*INFORMATION SHOWN*.
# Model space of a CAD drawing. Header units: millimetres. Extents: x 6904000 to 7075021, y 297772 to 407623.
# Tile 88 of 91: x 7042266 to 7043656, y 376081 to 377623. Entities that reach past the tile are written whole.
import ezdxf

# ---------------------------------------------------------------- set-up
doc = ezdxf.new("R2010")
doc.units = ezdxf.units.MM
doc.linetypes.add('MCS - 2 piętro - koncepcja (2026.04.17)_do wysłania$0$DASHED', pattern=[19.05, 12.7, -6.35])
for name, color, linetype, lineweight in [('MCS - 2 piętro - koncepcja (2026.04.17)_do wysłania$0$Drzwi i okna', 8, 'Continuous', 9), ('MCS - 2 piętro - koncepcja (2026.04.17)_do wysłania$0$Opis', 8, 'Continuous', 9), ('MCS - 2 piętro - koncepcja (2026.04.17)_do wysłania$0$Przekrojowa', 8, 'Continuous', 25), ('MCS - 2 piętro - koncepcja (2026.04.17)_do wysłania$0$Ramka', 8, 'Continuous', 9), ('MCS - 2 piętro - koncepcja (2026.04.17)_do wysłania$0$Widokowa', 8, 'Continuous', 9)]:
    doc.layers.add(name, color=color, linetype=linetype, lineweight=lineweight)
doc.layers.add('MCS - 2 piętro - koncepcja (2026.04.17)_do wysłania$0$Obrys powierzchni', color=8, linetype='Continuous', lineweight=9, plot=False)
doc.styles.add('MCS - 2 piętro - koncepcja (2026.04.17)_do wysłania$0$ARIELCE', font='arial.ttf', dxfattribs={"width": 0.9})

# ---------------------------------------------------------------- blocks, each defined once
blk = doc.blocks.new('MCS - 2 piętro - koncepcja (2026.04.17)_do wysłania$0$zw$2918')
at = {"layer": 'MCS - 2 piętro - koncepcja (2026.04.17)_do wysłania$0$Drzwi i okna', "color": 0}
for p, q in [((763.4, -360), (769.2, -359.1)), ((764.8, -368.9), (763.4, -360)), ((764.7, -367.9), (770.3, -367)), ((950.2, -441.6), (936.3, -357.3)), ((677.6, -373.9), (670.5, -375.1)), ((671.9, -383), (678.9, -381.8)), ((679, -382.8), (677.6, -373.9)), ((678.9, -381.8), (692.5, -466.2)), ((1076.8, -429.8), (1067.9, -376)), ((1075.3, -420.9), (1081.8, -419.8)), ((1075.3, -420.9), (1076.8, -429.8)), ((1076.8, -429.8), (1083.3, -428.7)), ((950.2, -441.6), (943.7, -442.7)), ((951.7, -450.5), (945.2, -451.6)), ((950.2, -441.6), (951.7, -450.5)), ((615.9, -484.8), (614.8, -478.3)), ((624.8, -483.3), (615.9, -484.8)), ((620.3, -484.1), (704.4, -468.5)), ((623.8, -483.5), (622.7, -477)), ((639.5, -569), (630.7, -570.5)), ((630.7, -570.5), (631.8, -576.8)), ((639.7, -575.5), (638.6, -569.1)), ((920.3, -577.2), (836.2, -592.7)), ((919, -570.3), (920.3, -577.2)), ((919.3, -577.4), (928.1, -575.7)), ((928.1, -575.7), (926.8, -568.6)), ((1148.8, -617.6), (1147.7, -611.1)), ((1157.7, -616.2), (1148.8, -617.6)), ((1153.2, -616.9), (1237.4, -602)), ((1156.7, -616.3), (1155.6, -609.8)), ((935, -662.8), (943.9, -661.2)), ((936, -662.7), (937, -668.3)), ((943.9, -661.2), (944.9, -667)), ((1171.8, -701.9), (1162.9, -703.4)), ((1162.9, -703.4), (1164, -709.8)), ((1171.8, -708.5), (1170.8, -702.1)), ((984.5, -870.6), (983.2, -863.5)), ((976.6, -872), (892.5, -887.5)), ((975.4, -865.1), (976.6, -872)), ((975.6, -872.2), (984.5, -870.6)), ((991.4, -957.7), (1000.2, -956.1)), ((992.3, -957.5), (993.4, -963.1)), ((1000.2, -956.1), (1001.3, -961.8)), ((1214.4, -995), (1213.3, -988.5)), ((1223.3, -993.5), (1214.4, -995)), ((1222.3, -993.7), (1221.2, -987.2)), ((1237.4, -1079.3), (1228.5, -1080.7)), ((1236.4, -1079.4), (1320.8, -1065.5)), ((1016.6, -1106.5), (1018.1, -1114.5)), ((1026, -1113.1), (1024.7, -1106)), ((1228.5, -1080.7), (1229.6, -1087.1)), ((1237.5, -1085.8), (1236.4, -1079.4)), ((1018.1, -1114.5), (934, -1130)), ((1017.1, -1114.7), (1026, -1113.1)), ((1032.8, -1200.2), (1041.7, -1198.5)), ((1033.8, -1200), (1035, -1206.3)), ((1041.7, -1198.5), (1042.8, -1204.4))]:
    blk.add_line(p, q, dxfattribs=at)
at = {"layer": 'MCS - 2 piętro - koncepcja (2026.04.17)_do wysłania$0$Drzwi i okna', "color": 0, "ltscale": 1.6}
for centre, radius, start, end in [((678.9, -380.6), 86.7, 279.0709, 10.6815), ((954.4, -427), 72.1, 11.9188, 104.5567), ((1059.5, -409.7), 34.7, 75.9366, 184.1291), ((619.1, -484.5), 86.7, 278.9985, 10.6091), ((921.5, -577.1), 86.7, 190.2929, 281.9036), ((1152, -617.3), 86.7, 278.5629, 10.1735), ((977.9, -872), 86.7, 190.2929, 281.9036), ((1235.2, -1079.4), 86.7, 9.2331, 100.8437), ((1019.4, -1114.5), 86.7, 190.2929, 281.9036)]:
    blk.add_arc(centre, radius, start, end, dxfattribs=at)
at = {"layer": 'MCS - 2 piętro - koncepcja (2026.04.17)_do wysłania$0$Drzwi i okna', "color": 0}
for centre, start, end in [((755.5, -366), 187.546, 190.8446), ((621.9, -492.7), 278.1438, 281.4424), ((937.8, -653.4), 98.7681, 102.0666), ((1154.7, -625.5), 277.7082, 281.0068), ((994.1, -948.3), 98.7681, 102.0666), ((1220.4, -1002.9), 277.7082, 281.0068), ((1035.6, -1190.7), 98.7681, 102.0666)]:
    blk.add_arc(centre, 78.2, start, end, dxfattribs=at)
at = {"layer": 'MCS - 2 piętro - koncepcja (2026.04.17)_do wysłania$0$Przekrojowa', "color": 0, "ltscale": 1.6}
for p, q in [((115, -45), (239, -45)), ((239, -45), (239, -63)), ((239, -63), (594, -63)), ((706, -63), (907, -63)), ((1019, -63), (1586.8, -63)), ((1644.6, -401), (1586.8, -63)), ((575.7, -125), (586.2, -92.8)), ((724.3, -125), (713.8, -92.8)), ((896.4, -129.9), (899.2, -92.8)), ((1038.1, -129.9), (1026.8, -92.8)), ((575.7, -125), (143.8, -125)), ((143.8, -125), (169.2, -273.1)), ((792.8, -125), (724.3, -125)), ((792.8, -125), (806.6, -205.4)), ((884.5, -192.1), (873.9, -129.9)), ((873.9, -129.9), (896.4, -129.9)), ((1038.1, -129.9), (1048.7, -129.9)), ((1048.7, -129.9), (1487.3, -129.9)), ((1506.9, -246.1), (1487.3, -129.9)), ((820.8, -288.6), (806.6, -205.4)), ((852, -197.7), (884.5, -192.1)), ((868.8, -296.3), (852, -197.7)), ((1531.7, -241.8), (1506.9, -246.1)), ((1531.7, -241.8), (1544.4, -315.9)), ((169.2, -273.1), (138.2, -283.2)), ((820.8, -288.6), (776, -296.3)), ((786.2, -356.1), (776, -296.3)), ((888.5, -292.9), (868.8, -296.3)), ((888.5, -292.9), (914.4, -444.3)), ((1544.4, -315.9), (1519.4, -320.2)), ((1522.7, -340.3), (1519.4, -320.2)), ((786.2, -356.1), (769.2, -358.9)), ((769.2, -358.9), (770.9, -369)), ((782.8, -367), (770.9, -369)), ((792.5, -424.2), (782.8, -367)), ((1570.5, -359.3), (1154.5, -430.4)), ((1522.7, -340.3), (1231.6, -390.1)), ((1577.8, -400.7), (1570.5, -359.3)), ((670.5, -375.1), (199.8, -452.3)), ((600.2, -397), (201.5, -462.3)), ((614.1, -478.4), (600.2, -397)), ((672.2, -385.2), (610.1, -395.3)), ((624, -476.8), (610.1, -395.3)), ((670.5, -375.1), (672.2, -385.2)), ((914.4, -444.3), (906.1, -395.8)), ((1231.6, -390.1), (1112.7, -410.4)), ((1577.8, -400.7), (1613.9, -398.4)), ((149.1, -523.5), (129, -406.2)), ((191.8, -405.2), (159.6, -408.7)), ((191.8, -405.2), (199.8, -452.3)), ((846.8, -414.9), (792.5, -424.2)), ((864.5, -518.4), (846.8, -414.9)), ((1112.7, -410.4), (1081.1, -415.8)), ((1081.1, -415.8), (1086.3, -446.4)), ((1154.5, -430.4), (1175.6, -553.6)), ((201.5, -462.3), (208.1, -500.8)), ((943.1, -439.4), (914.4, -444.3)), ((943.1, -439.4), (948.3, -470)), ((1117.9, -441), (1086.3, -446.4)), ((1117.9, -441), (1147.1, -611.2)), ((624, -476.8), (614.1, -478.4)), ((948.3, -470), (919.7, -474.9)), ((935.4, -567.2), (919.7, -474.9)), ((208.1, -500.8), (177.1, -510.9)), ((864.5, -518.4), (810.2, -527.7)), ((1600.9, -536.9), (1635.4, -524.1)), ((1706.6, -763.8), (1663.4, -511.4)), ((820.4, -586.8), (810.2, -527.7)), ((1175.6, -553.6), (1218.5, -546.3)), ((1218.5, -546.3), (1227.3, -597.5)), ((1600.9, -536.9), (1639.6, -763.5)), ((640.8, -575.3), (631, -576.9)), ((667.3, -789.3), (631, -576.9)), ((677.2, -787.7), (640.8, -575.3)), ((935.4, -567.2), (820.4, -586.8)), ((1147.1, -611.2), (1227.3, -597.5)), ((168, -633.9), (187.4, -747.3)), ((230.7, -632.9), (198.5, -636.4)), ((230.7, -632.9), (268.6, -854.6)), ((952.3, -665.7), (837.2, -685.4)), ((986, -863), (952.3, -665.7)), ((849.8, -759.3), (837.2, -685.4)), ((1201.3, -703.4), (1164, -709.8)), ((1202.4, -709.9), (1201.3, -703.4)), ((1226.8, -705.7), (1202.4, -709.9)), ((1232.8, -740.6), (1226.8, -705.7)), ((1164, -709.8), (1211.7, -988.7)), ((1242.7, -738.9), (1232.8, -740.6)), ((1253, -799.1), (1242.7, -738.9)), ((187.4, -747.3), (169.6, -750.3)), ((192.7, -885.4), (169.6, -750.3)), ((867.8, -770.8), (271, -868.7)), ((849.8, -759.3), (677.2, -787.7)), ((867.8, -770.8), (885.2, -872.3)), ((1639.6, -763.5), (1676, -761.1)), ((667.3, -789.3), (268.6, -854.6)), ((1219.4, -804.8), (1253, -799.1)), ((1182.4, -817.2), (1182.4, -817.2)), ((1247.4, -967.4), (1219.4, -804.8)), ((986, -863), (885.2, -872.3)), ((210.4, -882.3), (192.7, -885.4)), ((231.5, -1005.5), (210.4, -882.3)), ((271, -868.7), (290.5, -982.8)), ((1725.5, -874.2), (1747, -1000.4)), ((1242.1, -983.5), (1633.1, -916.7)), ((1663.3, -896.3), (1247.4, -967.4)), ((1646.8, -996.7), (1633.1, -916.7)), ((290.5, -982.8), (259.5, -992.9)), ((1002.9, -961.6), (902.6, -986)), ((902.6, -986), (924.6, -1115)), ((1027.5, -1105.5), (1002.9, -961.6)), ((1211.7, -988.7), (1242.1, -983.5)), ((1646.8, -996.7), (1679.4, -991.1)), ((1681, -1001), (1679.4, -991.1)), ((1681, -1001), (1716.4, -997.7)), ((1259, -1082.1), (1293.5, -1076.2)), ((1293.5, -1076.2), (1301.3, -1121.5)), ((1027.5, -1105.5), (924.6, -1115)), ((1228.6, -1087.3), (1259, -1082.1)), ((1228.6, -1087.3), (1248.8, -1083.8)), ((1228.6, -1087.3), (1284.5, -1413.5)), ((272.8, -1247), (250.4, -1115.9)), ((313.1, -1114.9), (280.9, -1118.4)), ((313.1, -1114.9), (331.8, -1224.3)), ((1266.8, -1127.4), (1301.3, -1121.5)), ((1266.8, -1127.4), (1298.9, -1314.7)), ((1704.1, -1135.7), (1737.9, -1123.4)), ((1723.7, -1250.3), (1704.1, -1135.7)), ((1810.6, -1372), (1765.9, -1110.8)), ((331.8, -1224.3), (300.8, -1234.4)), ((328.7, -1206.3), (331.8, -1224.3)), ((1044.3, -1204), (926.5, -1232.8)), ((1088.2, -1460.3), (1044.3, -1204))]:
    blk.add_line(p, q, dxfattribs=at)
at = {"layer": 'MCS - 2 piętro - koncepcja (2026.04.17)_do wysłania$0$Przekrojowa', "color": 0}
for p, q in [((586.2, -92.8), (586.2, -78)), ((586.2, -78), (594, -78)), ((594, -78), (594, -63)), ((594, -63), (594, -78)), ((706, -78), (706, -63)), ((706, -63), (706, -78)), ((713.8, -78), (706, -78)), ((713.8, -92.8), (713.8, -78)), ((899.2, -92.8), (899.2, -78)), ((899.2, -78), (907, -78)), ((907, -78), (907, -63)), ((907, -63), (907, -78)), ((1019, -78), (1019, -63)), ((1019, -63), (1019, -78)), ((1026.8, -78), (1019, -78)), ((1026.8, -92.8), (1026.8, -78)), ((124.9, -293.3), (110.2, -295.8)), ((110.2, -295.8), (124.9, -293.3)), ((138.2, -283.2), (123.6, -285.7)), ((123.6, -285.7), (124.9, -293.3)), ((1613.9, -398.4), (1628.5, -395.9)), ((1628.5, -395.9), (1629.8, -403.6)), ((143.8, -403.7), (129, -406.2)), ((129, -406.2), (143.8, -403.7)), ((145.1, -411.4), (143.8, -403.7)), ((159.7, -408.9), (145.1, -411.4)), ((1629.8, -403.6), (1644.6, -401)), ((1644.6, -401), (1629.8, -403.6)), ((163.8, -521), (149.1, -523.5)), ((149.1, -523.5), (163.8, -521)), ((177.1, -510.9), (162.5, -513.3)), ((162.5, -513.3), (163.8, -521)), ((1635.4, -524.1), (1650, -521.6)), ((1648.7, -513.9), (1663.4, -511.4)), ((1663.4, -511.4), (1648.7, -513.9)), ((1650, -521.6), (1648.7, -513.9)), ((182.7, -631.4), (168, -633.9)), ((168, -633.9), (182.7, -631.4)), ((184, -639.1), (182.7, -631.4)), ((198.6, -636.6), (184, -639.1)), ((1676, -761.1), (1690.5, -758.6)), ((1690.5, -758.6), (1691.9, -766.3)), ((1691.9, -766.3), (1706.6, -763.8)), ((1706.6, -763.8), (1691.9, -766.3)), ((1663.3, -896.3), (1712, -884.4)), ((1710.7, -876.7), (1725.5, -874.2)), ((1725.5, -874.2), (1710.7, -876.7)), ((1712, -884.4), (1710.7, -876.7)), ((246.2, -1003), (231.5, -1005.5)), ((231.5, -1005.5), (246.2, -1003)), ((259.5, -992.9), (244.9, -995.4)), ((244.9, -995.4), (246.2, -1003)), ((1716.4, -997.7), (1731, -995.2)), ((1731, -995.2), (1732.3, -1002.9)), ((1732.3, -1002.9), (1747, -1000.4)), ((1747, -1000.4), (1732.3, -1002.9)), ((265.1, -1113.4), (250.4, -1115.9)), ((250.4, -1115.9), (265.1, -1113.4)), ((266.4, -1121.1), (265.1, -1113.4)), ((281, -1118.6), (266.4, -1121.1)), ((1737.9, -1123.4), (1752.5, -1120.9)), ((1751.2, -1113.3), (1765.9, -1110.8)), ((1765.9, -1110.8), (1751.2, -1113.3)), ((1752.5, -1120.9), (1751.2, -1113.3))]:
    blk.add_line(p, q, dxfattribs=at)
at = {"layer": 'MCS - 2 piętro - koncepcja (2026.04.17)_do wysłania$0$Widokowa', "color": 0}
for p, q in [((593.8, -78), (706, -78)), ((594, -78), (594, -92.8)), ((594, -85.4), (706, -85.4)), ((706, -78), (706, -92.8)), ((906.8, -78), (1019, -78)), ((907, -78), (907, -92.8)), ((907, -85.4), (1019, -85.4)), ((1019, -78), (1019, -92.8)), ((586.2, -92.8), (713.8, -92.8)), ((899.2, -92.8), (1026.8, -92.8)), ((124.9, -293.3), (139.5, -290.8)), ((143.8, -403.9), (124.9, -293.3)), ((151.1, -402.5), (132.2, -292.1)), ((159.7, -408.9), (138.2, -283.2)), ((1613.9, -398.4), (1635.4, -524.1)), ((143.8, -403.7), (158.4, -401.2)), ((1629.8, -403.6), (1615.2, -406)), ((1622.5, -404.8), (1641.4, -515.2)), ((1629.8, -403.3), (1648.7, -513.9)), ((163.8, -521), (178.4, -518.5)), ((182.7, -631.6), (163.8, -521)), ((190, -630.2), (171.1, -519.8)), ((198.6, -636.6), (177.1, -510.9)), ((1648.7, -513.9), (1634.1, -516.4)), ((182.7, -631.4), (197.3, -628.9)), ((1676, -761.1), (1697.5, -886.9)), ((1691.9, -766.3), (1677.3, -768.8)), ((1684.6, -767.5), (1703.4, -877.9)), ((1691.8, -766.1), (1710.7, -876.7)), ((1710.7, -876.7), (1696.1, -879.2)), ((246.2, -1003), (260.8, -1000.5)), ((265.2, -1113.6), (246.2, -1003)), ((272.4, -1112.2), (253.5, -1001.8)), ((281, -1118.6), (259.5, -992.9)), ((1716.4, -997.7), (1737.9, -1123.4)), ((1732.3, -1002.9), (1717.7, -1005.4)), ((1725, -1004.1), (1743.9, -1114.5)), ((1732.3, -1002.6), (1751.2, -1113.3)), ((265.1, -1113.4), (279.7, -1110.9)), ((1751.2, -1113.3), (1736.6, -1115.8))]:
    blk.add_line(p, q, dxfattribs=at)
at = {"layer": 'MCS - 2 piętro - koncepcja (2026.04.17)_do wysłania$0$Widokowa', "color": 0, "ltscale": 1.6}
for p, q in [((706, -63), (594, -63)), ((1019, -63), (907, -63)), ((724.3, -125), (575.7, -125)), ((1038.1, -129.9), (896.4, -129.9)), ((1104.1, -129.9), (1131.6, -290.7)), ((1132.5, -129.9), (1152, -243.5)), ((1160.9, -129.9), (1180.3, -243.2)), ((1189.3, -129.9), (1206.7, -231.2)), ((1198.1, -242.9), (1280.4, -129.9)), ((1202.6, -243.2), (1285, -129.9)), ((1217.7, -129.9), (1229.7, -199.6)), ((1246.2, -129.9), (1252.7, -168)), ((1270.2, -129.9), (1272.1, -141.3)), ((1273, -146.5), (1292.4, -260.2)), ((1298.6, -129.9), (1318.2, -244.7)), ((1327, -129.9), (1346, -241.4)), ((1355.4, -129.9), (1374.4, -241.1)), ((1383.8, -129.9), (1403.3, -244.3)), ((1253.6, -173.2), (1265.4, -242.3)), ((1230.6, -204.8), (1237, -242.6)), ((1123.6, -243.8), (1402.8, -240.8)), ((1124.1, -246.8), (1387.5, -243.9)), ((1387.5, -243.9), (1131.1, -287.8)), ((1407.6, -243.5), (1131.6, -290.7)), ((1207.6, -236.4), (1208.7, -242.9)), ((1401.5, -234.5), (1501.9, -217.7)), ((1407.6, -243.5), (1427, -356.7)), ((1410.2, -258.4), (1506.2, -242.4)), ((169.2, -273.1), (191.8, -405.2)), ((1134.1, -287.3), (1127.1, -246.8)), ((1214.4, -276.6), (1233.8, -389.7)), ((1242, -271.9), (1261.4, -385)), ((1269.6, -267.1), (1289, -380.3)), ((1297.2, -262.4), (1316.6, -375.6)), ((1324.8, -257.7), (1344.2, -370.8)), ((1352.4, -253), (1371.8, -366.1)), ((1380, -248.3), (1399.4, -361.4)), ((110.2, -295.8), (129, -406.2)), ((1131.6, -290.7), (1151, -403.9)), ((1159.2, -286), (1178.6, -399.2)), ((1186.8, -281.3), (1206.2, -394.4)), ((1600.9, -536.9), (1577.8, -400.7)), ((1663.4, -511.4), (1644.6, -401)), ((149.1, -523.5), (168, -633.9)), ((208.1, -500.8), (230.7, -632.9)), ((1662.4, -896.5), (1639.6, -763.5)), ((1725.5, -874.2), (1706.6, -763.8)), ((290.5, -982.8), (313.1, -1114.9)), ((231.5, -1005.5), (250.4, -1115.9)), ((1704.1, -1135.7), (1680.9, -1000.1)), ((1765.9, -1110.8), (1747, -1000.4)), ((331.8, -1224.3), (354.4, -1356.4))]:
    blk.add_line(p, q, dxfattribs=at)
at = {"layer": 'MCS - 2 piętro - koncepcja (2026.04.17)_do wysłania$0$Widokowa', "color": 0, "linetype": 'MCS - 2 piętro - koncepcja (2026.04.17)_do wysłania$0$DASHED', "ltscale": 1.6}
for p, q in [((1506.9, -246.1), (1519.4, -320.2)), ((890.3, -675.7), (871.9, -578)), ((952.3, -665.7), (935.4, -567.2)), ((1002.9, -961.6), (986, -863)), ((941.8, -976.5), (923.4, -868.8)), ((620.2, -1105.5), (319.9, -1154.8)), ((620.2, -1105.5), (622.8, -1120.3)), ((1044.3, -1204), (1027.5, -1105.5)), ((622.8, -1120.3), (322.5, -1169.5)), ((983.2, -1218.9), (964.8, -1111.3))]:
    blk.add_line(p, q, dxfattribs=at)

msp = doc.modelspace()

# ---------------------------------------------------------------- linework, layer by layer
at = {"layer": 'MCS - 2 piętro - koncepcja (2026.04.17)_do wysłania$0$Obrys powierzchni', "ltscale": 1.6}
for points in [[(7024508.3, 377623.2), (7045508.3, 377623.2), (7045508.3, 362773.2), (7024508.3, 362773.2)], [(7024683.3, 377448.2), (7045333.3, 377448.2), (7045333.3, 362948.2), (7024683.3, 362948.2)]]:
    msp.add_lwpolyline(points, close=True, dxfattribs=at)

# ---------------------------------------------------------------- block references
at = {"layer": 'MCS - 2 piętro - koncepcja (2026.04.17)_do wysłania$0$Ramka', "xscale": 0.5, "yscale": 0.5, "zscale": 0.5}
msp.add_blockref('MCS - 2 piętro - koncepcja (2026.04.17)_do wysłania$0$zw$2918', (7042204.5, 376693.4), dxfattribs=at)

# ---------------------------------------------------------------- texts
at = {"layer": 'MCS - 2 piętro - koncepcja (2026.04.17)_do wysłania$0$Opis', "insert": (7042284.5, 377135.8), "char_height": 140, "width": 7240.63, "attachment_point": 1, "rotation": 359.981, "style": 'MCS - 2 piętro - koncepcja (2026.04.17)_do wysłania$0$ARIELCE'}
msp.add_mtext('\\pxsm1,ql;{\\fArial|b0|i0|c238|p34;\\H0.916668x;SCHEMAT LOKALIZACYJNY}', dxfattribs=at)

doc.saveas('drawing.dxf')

*WORK REQUIRED*.
Please print, exactly and with nothing else, the lines from the first line of the entries through the line containing "doc.linetypes.add('MCS - 2".

*RESPONSE AREA*.
# Model space of a CAD drawing. Header units: millimetres. Extents: x 6904000 to 7075021, y 297772 to 407623.
# Tile 88 of 91: x 7042266 to 7043656, y 376081 to 377623. Entities that reach past the tile are written whole.
import ezdxf

# ---------------------------------------------------------------- set-up
doc = ezdxf.new("R2010")
doc.units = ezdxf.units.MM
doc.linetypes.add('MCS - 2 piętro - koncepcja (2026.04.17)_do wysłania$0$DASHED', pattern=[19.05, 12.7, -6.35])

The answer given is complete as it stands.